“Vanitas vanitatum, omnia vanitas.” That, of course, is the opening sentence of the book of Ecclesiastes, as translated into Latin by St. Jerome. “Vanity of vanities, all is vanity,” as the King James Version has it.
The book takes it name from its speaker. “Eccleasiastes” is a Greek rendering of the Hebrew “Qoholeth,” variously thought to mean Preacher or Teacher, though it could also be understood as Member of the Assembly.
He identifies himself in the opening sentence as son of David, king in Jerusalem, and tradition has held that the author was Solomon. Be that as it may, he is someone who has seen enough of life to no longer be taken in by it.
Practically everybody is familiar with some of the book, thanks to Pete Seeger’s having adapted the opening lines of the third chapter into “Turn, Turn, Turn,” the treacly peace ditty best-known in a super-saccharine version by the Byrds. (who also ruined Bob Dylan’s “Mr. Tambourine Man”).
Nothing is saccharine about Qoholeth himself, though (what follows is the Douay-Rheims version, which is less evasive than the King James version):
And I saw that wisdom excelled folly, as much as light differeth from darkness.
The eyes of a wise man are in his head: the fool walketh in darkness: and I learned that they were to die both alike.
And I said in my heart: If the death of the fool and mine shall be one, what doth it avail me, that I have applied myself more to the study of wisdom? And speaking with my own mind, I perceived that this also was vanity.
For there shall be no remembrance of the wise no more than of the fool for ever, and the times to come shall cover all things together with oblivion: the learned dieth in like manner as the unlearned.
And therefore I was weary of my life, when I saw that all things under the sun are evil, and all vanity and vexation of spirit.
I don’t imagine this text serves often as the basis for a sermon. Oh, I’m sure that bit in the first verse contrasting wisdom and folly gets cited. But the rest? Not so much.

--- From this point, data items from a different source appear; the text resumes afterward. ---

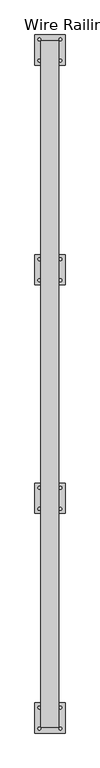
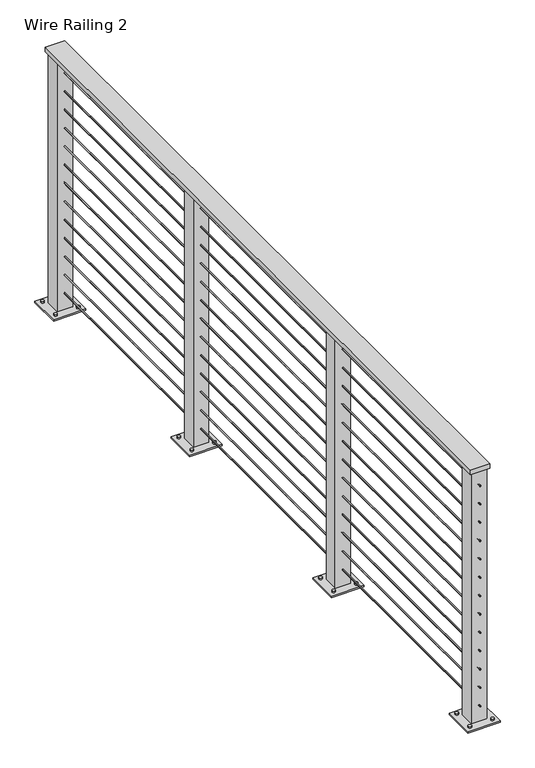
"""IFC4 building model written with IfcOpenShell, lengths in millimetres: railing geometry, Wire Railing 2."""

from ifc_helpers import new_model, si_unit, point, frame, frame_2d, origin, place, context, project, spatial, polyline, circle_curve, trimmed, segment, composite_curve, outline, extrude, source, transform, mapped, element, save


def wire_railing_2_0188c66e(model_context):
    return source(origin(), model_context, "Body", "SweptSolid", [
        extrude(outline(polyline([(25886.5620052, 5898.8634079), (25962.7620052, 5898.8634079), (25962.7620052, 3003.2634079), (25886.5620052, 3003.2634079), (25886.5620052, 5898.8634079)])), frame((0.0, 0.0, 3851.275), z_axis=(0.0, 0.0, 1.0), x_axis=(1.0, 0.0, 0.0)), (0.0, 0.0, 1.0), 19.05),
        extrude(outline(composite_curve([segment(trimmed(circle_curve(frame_2d((3791.74375, 25924.6620052)), 2.38125), [point((3791.74375, 25927.0432552))], [point((3791.74375, 25922.2807552))], False, "CARTESIAN"), True, "CONTINUOUS"), segment(trimmed(circle_curve(frame_2d((3791.74375, 25924.6620052)), 2.38125), [point((3791.74375, 25922.2807552))], [point((3791.74375, 25927.0432552))], False, "CARTESIAN"), True, "CONTINUOUS")], self_intersect=False)), frame((0.0, 3003.2634079, 0.0), z_axis=(0.0, 1.0, 0.0), x_axis=(0.0, 0.0, 1.0)), (0.0, 0.0, 1.0), 2895.6),
        extrude(outline(composite_curve([segment(trimmed(circle_curve(frame_2d((3715.54375, 25924.6620052)), 2.38125), [point((3715.54375, 25927.0432552))], [point((3715.54375, 25922.2807552))], False, "CARTESIAN"), True, "CONTINUOUS"), segment(trimmed(circle_curve(frame_2d((3715.54375, 25924.6620052)), 2.38125), [point((3715.54375, 25922.2807552))], [point((3715.54375, 25927.0432552))], False, "CARTESIAN"), True, "CONTINUOUS")], self_intersect=False)), frame((0.0, 3003.2634079, 0.0), z_axis=(0.0, 1.0, 0.0), x_axis=(0.0, 0.0, 1.0)), (0.0, 0.0, 1.0), 2895.6),
        extrude(outline(composite_curve([segment(trimmed(circle_curve(frame_2d((3639.34375, 25924.6620052)), 2.38125), [point((3639.34375, 25927.0432552))], [point((3639.34375, 25922.2807552))], False, "CARTESIAN"), True, "CONTINUOUS"), segment(trimmed(circle_curve(frame_2d((3639.34375, 25924.6620052)), 2.38125), [point((3639.34375, 25922.2807552))], [point((3639.34375, 25927.0432552))], False, "CARTESIAN"), True, "CONTINUOUS")], self_intersect=False)), frame((0.0, 3003.2634079, 0.0), z_axis=(0.0, 1.0, 0.0), x_axis=(0.0, 0.0, 1.0)), (0.0, 0.0, 1.0), 2895.6),
        extrude(outline(composite_curve([segment(trimmed(circle_curve(frame_2d((3563.14375, 25924.6620052)), 2.38125), [point((3563.14375, 25927.0432552))], [point((3563.14375, 25922.2807552))], False, "CARTESIAN"), True, "CONTINUOUS"), segment(trimmed(circle_curve(frame_2d((3563.14375, 25924.6620052)), 2.38125), [point((3563.14375, 25922.2807552))], [point((3563.14375, 25927.0432552))], False, "CARTESIAN"), True, "CONTINUOUS")], self_intersect=False)), frame((0.0, 3003.2634079, 0.0), z_axis=(0.0, 1.0, 0.0), x_axis=(0.0, 0.0, 1.0)), (0.0, 0.0, 1.0), 2895.6),
        extrude(outline(composite_curve([segment(trimmed(circle_curve(frame_2d((3486.94375, 25924.6620052)), 2.38125), [point((3486.94375, 25927.0432552))], [point((3486.94375, 25922.2807552))], False, "CARTESIAN"), True, "CONTINUOUS"), segment(trimmed(circle_curve(frame_2d((3486.94375, 25924.6620052)), 2.38125), [point((3486.94375, 25922.2807552))], [point((3486.94375, 25927.0432552))], False, "CARTESIAN"), True, "CONTINUOUS")], self_intersect=False)), frame((0.0, 3003.2634079, 0.0), z_axis=(0.0, 1.0, 0.0), x_axis=(0.0, 0.0, 1.0)), (0.0, 0.0, 1.0), 2895.6),
        extrude(outline(composite_curve([segment(trimmed(circle_curve(frame_2d((3410.74375, 25924.6620052)), 2.38125), [point((3410.74375, 25927.0432552))], [point((3410.74375, 25922.2807552))], False, "CARTESIAN"), True, "CONTINUOUS"), segment(trimmed(circle_curve(frame_2d((3410.74375, 25924.6620052)), 2.38125), [point((3410.74375, 25922.2807552))], [point((3410.74375, 25927.0432552))], False, "CARTESIAN"), True, "CONTINUOUS")], self_intersect=False)), frame((0.0, 3003.2634079, 0.0), z_axis=(0.0, 1.0, 0.0), x_axis=(0.0, 0.0, 1.0)), (0.0, 0.0, 1.0), 2895.6),
        extrude(outline(composite_curve([segment(trimmed(circle_curve(frame_2d((3334.54375, 25924.6620052)), 2.38125), [point((3334.54375, 25927.0432552))], [point((3334.54375, 25922.2807552))], False, "CARTESIAN"), True, "CONTINUOUS"), segment(trimmed(circle_curve(frame_2d((3334.54375, 25924.6620052)), 2.38125), [point((3334.54375, 25922.2807552))], [point((3334.54375, 25927.0432552))], False, "CARTESIAN"), True, "CONTINUOUS")], self_intersect=False)), frame((0.0, 3003.2634079, 0.0), z_axis=(0.0, 1.0, 0.0), x_axis=(0.0, 0.0, 1.0)), (0.0, 0.0, 1.0), 2895.6),
        extrude(outline(composite_curve([segment(trimmed(circle_curve(frame_2d((3258.34375, 25924.6620052)), 2.38125), [point((3258.34375, 25927.0432552))], [point((3258.34375, 25922.2807552))], False, "CARTESIAN"), True, "CONTINUOUS"), segment(trimmed(circle_curve(frame_2d((3258.34375, 25924.6620052)), 2.38125), [point((3258.34375, 25922.2807552))], [point((3258.34375, 25927.0432552))], False, "CARTESIAN"), True, "CONTINUOUS")], self_intersect=False)), frame((0.0, 3003.2634079, 0.0), z_axis=(0.0, 1.0, 0.0), x_axis=(0.0, 0.0, 1.0)), (0.0, 0.0, 1.0), 2895.6),
        extrude(outline(composite_curve([segment(trimmed(circle_curve(frame_2d((3182.14375, 25924.6620052)), 2.38125), [point((3182.14375, 25927.0432552))], [point((3182.14375, 25922.2807552))], False, "CARTESIAN"), True, "CONTINUOUS"), segment(trimmed(circle_curve(frame_2d((3182.14375, 25924.6620052)), 2.38125), [point((3182.14375, 25922.2807552))], [point((3182.14375, 25927.0432552))], False, "CARTESIAN"), True, "CONTINUOUS")], self_intersect=False)), frame((0.0, 3003.2634079, 0.0), z_axis=(0.0, 1.0, 0.0), x_axis=(0.0, 0.0, 1.0)), (0.0, 0.0, 1.0), 2895.6),
        extrude(outline(composite_curve([segment(trimmed(circle_curve(frame_2d((3105.94375, 25924.6620052)), 2.38125), [point((3105.94375, 25927.0432552))], [point((3105.94375, 25922.2807552))], False, "CARTESIAN"), True, "CONTINUOUS"), segment(trimmed(circle_curve(frame_2d((3105.94375, 25924.6620052)), 2.38125), [point((3105.94375, 25922.2807552))], [point((3105.94375, 25927.0432552))], False, "CARTESIAN"), True, "CONTINUOUS")], self_intersect=False)), frame((0.0, 3003.2634079, 0.0), z_axis=(0.0, 1.0, 0.0), x_axis=(0.0, 0.0, 1.0)), (0.0, 0.0, 1.0), 2895.6),
        extrude(outline(composite_curve([segment(trimmed(circle_curve(frame_2d((3029.74375, 25924.6620052)), 2.38125), [point((3029.74375, 25927.0432552))], [point((3029.74375, 25922.2807552))], False, "CARTESIAN"), True, "CONTINUOUS"), segment(trimmed(circle_curve(frame_2d((3029.74375, 25924.6620052)), 2.38125), [point((3029.74375, 25922.2807552))], [point((3029.74375, 25927.0432552))], False, "CARTESIAN"), True, "CONTINUOUS")], self_intersect=False)), frame((0.0, 3003.2634079, 0.0), z_axis=(0.0, 1.0, 0.0), x_axis=(0.0, 0.0, 1.0)), (0.0, 0.0, 1.0), 2895.6),
        extrude(outline(composite_curve([segment(trimmed(circle_curve(frame_2d((2953.54375, 25924.6620052)), 2.38125), [point((2953.54375, 25927.0432552))], [point((2953.54375, 25922.2807552))], False, "CARTESIAN"), True, "CONTINUOUS"), segment(trimmed(circle_curve(frame_2d((2953.54375, 25924.6620052)), 2.38125), [point((2953.54375, 25922.2807552))], [point((2953.54375, 25927.0432552))], False, "CARTESIAN"), True, "CONTINUOUS")], self_intersect=False)), frame((0.0, 3003.2634079, 0.0), z_axis=(0.0, 1.0, 0.0), x_axis=(0.0, 0.0, 1.0)), (0.0, 0.0, 1.0), 2895.6),
        extrude(outline(composite_curve([segment(trimmed(circle_curve(frame_2d((2877.34375, 25924.6620052)), 2.38125), [point((2877.34375, 25927.0432552))], [point((2877.34375, 25922.2807552))], False, "CARTESIAN"), True, "CONTINUOUS"), segment(trimmed(circle_curve(frame_2d((2877.34375, 25924.6620052)), 2.38125), [point((2877.34375, 25922.2807552))], [point((2877.34375, 25927.0432552))], False, "CARTESIAN"), True, "CONTINUOUS")], self_intersect=False)), frame((0.0, 3003.2634079, 0.0), z_axis=(0.0, 1.0, 0.0), x_axis=(0.0, 0.0, 1.0)), (0.0, 0.0, 1.0), 2895.6),
        extrude(outline(composite_curve([segment(trimmed(circle_curve(frame_2d((25880.2120052, 4012.9134079)), 6.35), [point((25873.8620052, 4012.9134079))], [point((25886.5620052, 4012.9134079))], False, "CARTESIAN"), True, "CONTINUOUS"), segment(trimmed(circle_curve(frame_2d((25880.2120052, 4012.9134079)), 6.35), [point((25886.5620052, 4012.9134079))], [point((25873.8620052, 4012.9134079))], False, "CARTESIAN"), True, "CONTINUOUS")], self_intersect=False)), frame((0.0, 0.0, 2803.525), z_axis=(0.0, 0.0, 1.0), x_axis=(1.0, 0.0, 0.0)), (0.0, 0.0, 1.0), 12.7),
        extrude(outline(composite_curve([segment(trimmed(circle_curve(frame_2d((25969.1120052, 4012.9134079)), 6.35), [point((25962.7620052, 4012.9134079))], [point((25975.4620052, 4012.9134079))], False, "CARTESIAN"), True, "CONTINUOUS"), segment(trimmed(circle_curve(frame_2d((25969.1120052, 4012.9134079)), 6.35), [point((25975.4620052, 4012.9134079))], [point((25962.7620052, 4012.9134079))], False, "CARTESIAN"), True, "CONTINUOUS")], self_intersect=False)), frame((0.0, 0.0, 2803.525), z_axis=(0.0, 0.0, 1.0), x_axis=(1.0, 0.0, 0.0)), (0.0, 0.0, 1.0), 12.7),
        extrude(outline(composite_curve([segment(trimmed(circle_curve(frame_2d((25880.2120052, 3924.0134079)), 6.35), [point((25873.8620052, 3924.0134079))], [point((25886.5620052, 3924.0134079))], False, "CARTESIAN"), True, "CONTINUOUS"), segment(trimmed(circle_curve(frame_2d((25880.2120052, 3924.0134079)), 6.35), [point((25886.5620052, 3924.0134079))], [point((25873.8620052, 3924.0134079))], False, "CARTESIAN"), True, "CONTINUOUS")], self_intersect=False)), frame((0.0, 0.0, 2803.525), z_axis=(0.0, 0.0, 1.0), x_axis=(1.0, 0.0, 0.0)), (0.0, 0.0, 1.0), 12.7),
        extrude(outline(composite_curve([segment(trimmed(circle_curve(frame_2d((25969.1120052, 3924.0134079)), 6.35), [point((25962.7620052, 3924.0134079))], [point((25975.4620052, 3924.0134079))], False, "CARTESIAN"), True, "CONTINUOUS"), segment(trimmed(circle_curve(frame_2d((25969.1120052, 3924.0134079)), 6.35), [point((25975.4620052, 3924.0134079))], [point((25962.7620052, 3924.0134079))], False, "CARTESIAN"), True, "CONTINUOUS")], self_intersect=False)), frame((0.0, 0.0, 2803.525), z_axis=(0.0, 0.0, 1.0), x_axis=(1.0, 0.0, 0.0)), (0.0, 0.0, 1.0), 12.7),
        extrude(outline(polyline([(25988.1620052, 4031.9634079), (25988.1620052, 3904.9634079), (25861.1620052, 3904.9634079), (25861.1620052, 4031.9634079), (25988.1620052, 4031.9634079)])), frame((0.0, 0.0, 2803.525), z_axis=(0.0, 0.0, 1.0), x_axis=(1.0, 0.0, 0.0)), (0.0, 0.0, 1.0), 6.35),
        extrude(outline(polyline([(25954.8245052, 3998.6259079), (25954.8245052, 3938.3009079), (25894.4995052, 3938.3009079), (25894.4995052, 3998.6259079), (25954.8245052, 3998.6259079)]), holes=[polyline([(25948.4745052, 3992.2759079), (25900.8495052, 3992.2759079), (25900.8495052, 3944.6509079), (25948.4745052, 3944.6509079), (25948.4745052, 3992.2759079)])]), frame((0.0, 0.0, 2803.525), z_axis=(0.0, 0.0, 1.0), x_axis=(1.0, 0.0, 0.0)), (0.0, 0.0, 1.0), 1047.75),
        extrude(outline(composite_curve([segment(trimmed(circle_curve(frame_2d((25880.2120052, 4978.1134079)), 6.35), [point((25873.8620052, 4978.1134079))], [point((25886.5620052, 4978.1134079))], False, "CARTESIAN"), True, "CONTINUOUS"), segment(trimmed(circle_curve(frame_2d((25880.2120052, 4978.1134079)), 6.35), [point((25886.5620052, 4978.1134079))], [point((25873.8620052, 4978.1134079))], False, "CARTESIAN"), True, "CONTINUOUS")], self_intersect=False)), frame((0.0, 0.0, 2803.525), z_axis=(0.0, 0.0, 1.0), x_axis=(1.0, 0.0, 0.0)), (0.0, 0.0, 1.0), 12.7),
        extrude(outline(composite_curve([segment(trimmed(circle_curve(frame_2d((25969.1120052, 4978.1134079)), 6.35), [point((25962.7620052, 4978.1134079))], [point((25975.4620052, 4978.1134079))], False, "CARTESIAN"), True, "CONTINUOUS"), segment(trimmed(circle_curve(frame_2d((25969.1120052, 4978.1134079)), 6.35), [point((25975.4620052, 4978.1134079))], [point((25962.7620052, 4978.1134079))], False, "CARTESIAN"), True, "CONTINUOUS")], self_intersect=False)), frame((0.0, 0.0, 2803.525), z_axis=(0.0, 0.0, 1.0), x_axis=(1.0, 0.0, 0.0)), (0.0, 0.0, 1.0), 12.7),
        extrude(outline(composite_curve([segment(trimmed(circle_curve(frame_2d((25880.2120052, 4889.2134079)), 6.35), [point((25873.8620052, 4889.2134079))], [point((25886.5620052, 4889.2134079))], False, "CARTESIAN"), True, "CONTINUOUS"), segment(trimmed(circle_curve(frame_2d((25880.2120052, 4889.2134079)), 6.35), [point((25886.5620052, 4889.2134079))], [point((25873.8620052, 4889.2134079))], False, "CARTESIAN"), True, "CONTINUOUS")], self_intersect=False)), frame((0.0, 0.0, 2803.525), z_axis=(0.0, 0.0, 1.0), x_axis=(1.0, 0.0, 0.0)), (0.0, 0.0, 1.0), 12.7),
        extrude(outline(composite_curve([segment(trimmed(circle_curve(frame_2d((25969.1120052, 4889.2134079)), 6.35), [point((25962.7620052, 4889.2134079))], [point((25975.4620052, 4889.2134079))], False, "CARTESIAN"), True, "CONTINUOUS"), segment(trimmed(circle_curve(frame_2d((25969.1120052, 4889.2134079)), 6.35), [point((25975.4620052, 4889.2134079))], [point((25962.7620052, 4889.2134079))], False, "CARTESIAN"), True, "CONTINUOUS")], self_intersect=False)), frame((0.0, 0.0, 2803.525), z_axis=(0.0, 0.0, 1.0), x_axis=(1.0, 0.0, 0.0)), (0.0, 0.0, 1.0), 12.7),
        extrude(outline(polyline([(25988.1620052, 4997.1634079), (25988.1620052, 4870.1634079), (25861.1620052, 4870.1634079), (25861.1620052, 4997.1634079), (25988.1620052, 4997.1634079)])), frame((0.0, 0.0, 2803.525), z_axis=(0.0, 0.0, 1.0), x_axis=(1.0, 0.0, 0.0)), (0.0, 0.0, 1.0), 6.35),
        extrude(outline(polyline([(25954.8245052, 4963.8259079), (25954.8245052, 4903.5009079), (25894.4995052, 4903.5009079), (25894.4995052, 4963.8259079), (25954.8245052, 4963.8259079)]), holes=[polyline([(25948.4745052, 4957.4759079), (25900.8495052, 4957.4759079), (25900.8495052, 4909.8509079), (25948.4745052, 4909.8509079), (25948.4745052, 4957.4759079)])]), frame((0.0, 0.0, 2803.525), z_axis=(0.0, 0.0, 1.0), x_axis=(1.0, 0.0, 0.0)), (0.0, 0.0, 1.0), 1047.75),
        extrude(outline(composite_curve([segment(trimmed(circle_curve(frame_2d((25880.2120052, 3085.8134079)), 6.35), [point((25873.8620052, 3085.8134079))], [point((25886.5620052, 3085.8134079))], False, "CARTESIAN"), True, "CONTINUOUS"), segment(trimmed(circle_curve(frame_2d((25880.2120052, 3085.8134079)), 6.35), [point((25886.5620052, 3085.8134079))], [point((25873.8620052, 3085.8134079))], False, "CARTESIAN"), True, "CONTINUOUS")], self_intersect=False)), frame((0.0, 0.0, 2803.525), z_axis=(0.0, 0.0, 1.0), x_axis=(1.0, 0.0, 0.0)), (0.0, 0.0, 1.0), 12.7),
        extrude(outline(composite_curve([segment(trimmed(circle_curve(frame_2d((25969.1120052, 3085.8134079)), 6.35), [point((25962.7620052, 3085.8134079))], [point((25975.4620052, 3085.8134079))], False, "CARTESIAN"), True, "CONTINUOUS"), segment(trimmed(circle_curve(frame_2d((25969.1120052, 3085.8134079)), 6.35), [point((25975.4620052, 3085.8134079))], [point((25962.7620052, 3085.8134079))], False, "CARTESIAN"), True, "CONTINUOUS")], self_intersect=False)), frame((0.0, 0.0, 2803.525), z_axis=(0.0, 0.0, 1.0), x_axis=(1.0, 0.0, 0.0)), (0.0, 0.0, 1.0), 12.7),
        extrude(outline(composite_curve([segment(trimmed(circle_curve(frame_2d((25880.2120052, 2996.9134079)), 6.35), [point((25873.8620052, 2996.9134079))], [point((25886.5620052, 2996.9134079))], False, "CARTESIAN"), True, "CONTINUOUS"), segment(trimmed(circle_curve(frame_2d((25880.2120052, 2996.9134079)), 6.35), [point((25886.5620052, 2996.9134079))], [point((25873.8620052, 2996.9134079))], False, "CARTESIAN"), True, "CONTINUOUS")], self_intersect=False)), frame((0.0, 0.0, 2803.525), z_axis=(0.0, 0.0, 1.0), x_axis=(1.0, 0.0, 0.0)), (0.0, 0.0, 1.0), 12.7),
        extrude(outline(composite_curve([segment(trimmed(circle_curve(frame_2d((25969.1120052, 2996.9134079)), 6.35), [point((25962.7620052, 2996.9134079))], [point((25975.4620052, 2996.9134079))], False, "CARTESIAN"), True, "CONTINUOUS"), segment(trimmed(circle_curve(frame_2d((25969.1120052, 2996.9134079)), 6.35), [point((25975.4620052, 2996.9134079))], [point((25962.7620052, 2996.9134079))], False, "CARTESIAN"), True, "CONTINUOUS")], self_intersect=False)), frame((0.0, 0.0, 2803.525), z_axis=(0.0, 0.0, 1.0), x_axis=(1.0, 0.0, 0.0)), (0.0, 0.0, 1.0), 12.7),
        extrude(outline(polyline([(25988.1620052, 3104.8634079), (25988.1620052, 2977.8634079), (25861.1620052, 2977.8634079), (25861.1620052, 3104.8634079), (25988.1620052, 3104.8634079)])), frame((0.0, 0.0, 2803.525), z_axis=(0.0, 0.0, 1.0), x_axis=(1.0, 0.0, 0.0)), (0.0, 0.0, 1.0), 6.35),
        extrude(outline(polyline([(25954.8245052, 3071.5259079), (25954.8245052, 3011.2009079), (25894.4995052, 3011.2009079), (25894.4995052, 3071.5259079), (25954.8245052, 3071.5259079)]), holes=[polyline([(25948.4745052, 3065.1759079), (25900.8495052, 3065.1759079), (25900.8495052, 3017.5509079), (25948.4745052, 3017.5509079), (25948.4745052, 3065.1759079)])]), frame((0.0, 0.0, 2803.525), z_axis=(0.0, 0.0, 1.0), x_axis=(1.0, 0.0, 0.0)), (0.0, 0.0, 1.0), 1047.75),
        extrude(outline(composite_curve([segment(trimmed(circle_curve(frame_2d((25880.2120052, 5905.2134079)), 6.35), [point((25873.8620052, 5905.2134079))], [point((25886.5620052, 5905.2134079))], False, "CARTESIAN"), True, "CONTINUOUS"), segment(trimmed(circle_curve(frame_2d((25880.2120052, 5905.2134079)), 6.35), [point((25886.5620052, 5905.2134079))], [point((25873.8620052, 5905.2134079))], False, "CARTESIAN"), True, "CONTINUOUS")], self_intersect=False)), frame((0.0, 0.0, 2803.525), z_axis=(0.0, 0.0, 1.0), x_axis=(1.0, 0.0, 0.0)), (0.0, 0.0, 1.0), 12.7),
        extrude(outline(composite_curve([segment(trimmed(circle_curve(frame_2d((25969.1120052, 5905.2134079)), 6.35), [point((25962.7620052, 5905.2134079))], [point((25975.4620052, 5905.2134079))], False, "CARTESIAN"), True, "CONTINUOUS"), segment(trimmed(circle_curve(frame_2d((25969.1120052, 5905.2134079)), 6.35), [point((25975.4620052, 5905.2134079))], [point((25962.7620052, 5905.2134079))], False, "CARTESIAN"), True, "CONTINUOUS")], self_intersect=False)), frame((0.0, 0.0, 2803.525), z_axis=(0.0, 0.0, 1.0), x_axis=(1.0, 0.0, 0.0)), (0.0, 0.0, 1.0), 12.7),
        extrude(outline(composite_curve([segment(trimmed(circle_curve(frame_2d((25880.2120052, 5816.3134079)), 6.35), [point((25873.8620052, 5816.3134079))], [point((25886.5620052, 5816.3134079))], False, "CARTESIAN"), True, "CONTINUOUS"), segment(trimmed(circle_curve(frame_2d((25880.2120052, 5816.3134079)), 6.35), [point((25886.5620052, 5816.3134079))], [point((25873.8620052, 5816.3134079))], False, "CARTESIAN"), True, "CONTINUOUS")], self_intersect=False)), frame((0.0, 0.0, 2803.525), z_axis=(0.0, 0.0, 1.0), x_axis=(1.0, 0.0, 0.0)), (0.0, 0.0, 1.0), 12.7),
        extrude(outline(composite_curve([segment(trimmed(circle_curve(frame_2d((25969.1120052, 5816.3134079)), 6.35), [point((25962.7620052, 5816.3134079))], [point((25975.4620052, 5816.3134079))], False, "CARTESIAN"), True, "CONTINUOUS"), segment(trimmed(circle_curve(frame_2d((25969.1120052, 5816.3134079)), 6.35), [point((25975.4620052, 5816.3134079))], [point((25962.7620052, 5816.3134079))], False, "CARTESIAN"), True, "CONTINUOUS")], self_intersect=False)), frame((0.0, 0.0, 2803.525), z_axis=(0.0, 0.0, 1.0), x_axis=(1.0, 0.0, 0.0)), (0.0, 0.0, 1.0), 12.7),
        extrude(outline(polyline([(25988.1620052, 5924.2634079), (25988.1620052, 5797.2634079), (25861.1620052, 5797.2634079), (25861.1620052, 5924.2634079), (25988.1620052, 5924.2634079)])), frame((0.0, 0.0, 2803.525), z_axis=(0.0, 0.0, 1.0), x_axis=(1.0, 0.0, 0.0)), (0.0, 0.0, 1.0), 6.35),
        extrude(outline(polyline([(25954.8245052, 5890.9259079), (25954.8245052, 5830.6009079), (25894.4995052, 5830.6009079), (25894.4995052, 5890.9259079), (25954.8245052, 5890.9259079)]), holes=[polyline([(25948.4745052, 5884.5759079), (25900.8495052, 5884.5759079), (25900.8495052, 5836.9509079), (25948.4745052, 5836.9509079), (25948.4745052, 5884.5759079)])]), frame((0.0, 0.0, 2803.525), z_axis=(0.0, 0.0, 1.0), x_axis=(1.0, 0.0, 0.0)), (0.0, 0.0, 1.0), 1047.75),
    ])


if __name__ == "__main__":
    model = new_model("IFC4")
    model_context = context("Model", 3, world=origin())
    ifc_project = project(units=[si_unit("LENGTHUNIT", "METRE", prefix="MILLI")], contexts=[model_context])
    site = spatial("IfcSite", under=ifc_project)
    building = spatial("IfcBuilding", under=site)
    placement = place(None, origin())
    wire_railing_2_shape = wire_railing_2_0188c66e(model_context)
    element("IfcRailing", 1, ObjectType="Wire Railing 2", at=placement, inside=building, context=model_context, shape_type="MappedRepresentation", body=[
        mapped(wire_railing_2_shape, transform((0.0, 0.0, 0.0), x_axis=(1.0, 0.0, 0.0), y_axis=(0.0, 1.0, 0.0), z_axis=(0.0, 0.0, 1.0))),
    ])
    save(model, "model.ifc")

# Revit data of these elements
# Element 1 (IfcRailing, "Wire Railing 2")
#   Materials on its faces: "2 1/2\" X 2 1/2\" ALUM. SQUARE POST (38\" O.C. MAX)", "WIRE RAILING (3\" O.C.)", "ALUM. PLATE TOP RAIL"
# Materials
#   "2 1/2\" X 2 1/2\" ALUM. SQUARE POST (38\" O.C. MAX)": class "Metal", colour RGB 244 244 244, transparency 0, Manufacturer = "Kawneer", URL = "http://www.kawneer.com/kawneer/north_america/en/home.asp", Cost = 0
#   "WIRE RAILING (3\" O.C.)": class "Metal", colour RGB 244 244 244, transparency 0, Manufacturer = "Kawneer", URL = "http://www.kawneer.com/kawneer/north_america/en/home.asp", Cost = 0
#   "ALUM. PLATE TOP RAIL": class "Metal", colour RGB 244 244 244, transparency 0, Manufacturer = "Kawneer", URL = "http://www.kawneer.com/kawneer/north_america/en/home.asp", Cost = 0

As it happens, Ecclesiastes is eminently quotable. He’s the guy who coined the phrase about a fly in the ointment. He cautioned us that “the race is not to the swift,” reminded us that there is “nothing new under the sun,” and advised that there is “no better thing under the sun, than to eat, and to drink, and to be merry.”
But, as I noted earlier, he tends to be quoted with care and discrimination. He’ll be cited approvingly for encouraging us that “whatsoever thy hand findeth to do, do it with thy might,” but his reason for saying that is likely to be overlooked: “for there is no work, nor device, nor knowledge, nor wisdom, in the grave, whither thou goest.”
For Ecclesiastes, death is death. Life is a parenthesis between one darkness and another. But no less precious for that: “Truly the light is sweet, and a pleasant thing it is for the eyes to behold the sun.”
And no less a gift from God. For Ecclesiastes is no atheist. In his view, we are created for a space of time, and we should make the most of it, and be grateful for it. It is a religious outlook quite different from what we have become used to. And it makes me wonder how many people of faith would love God, as they say they do, if they thought the way Ecclesiastes did.
Just imagine: To ask nothing more of God than the brief flicker of being that life may amount to. It is an outlook aptly summarized by John Hall Wheelock, in a poem called “Dear Men and Women”:
I have learned it from them at last, who am now grown old
A happy man, that the nature of things is tragic
And meaningful beyond words, that to have lived
Even if once only, once and no more,
Will have been — oh, how truly — worth it.
That’s religion made of sterner stuff indeed.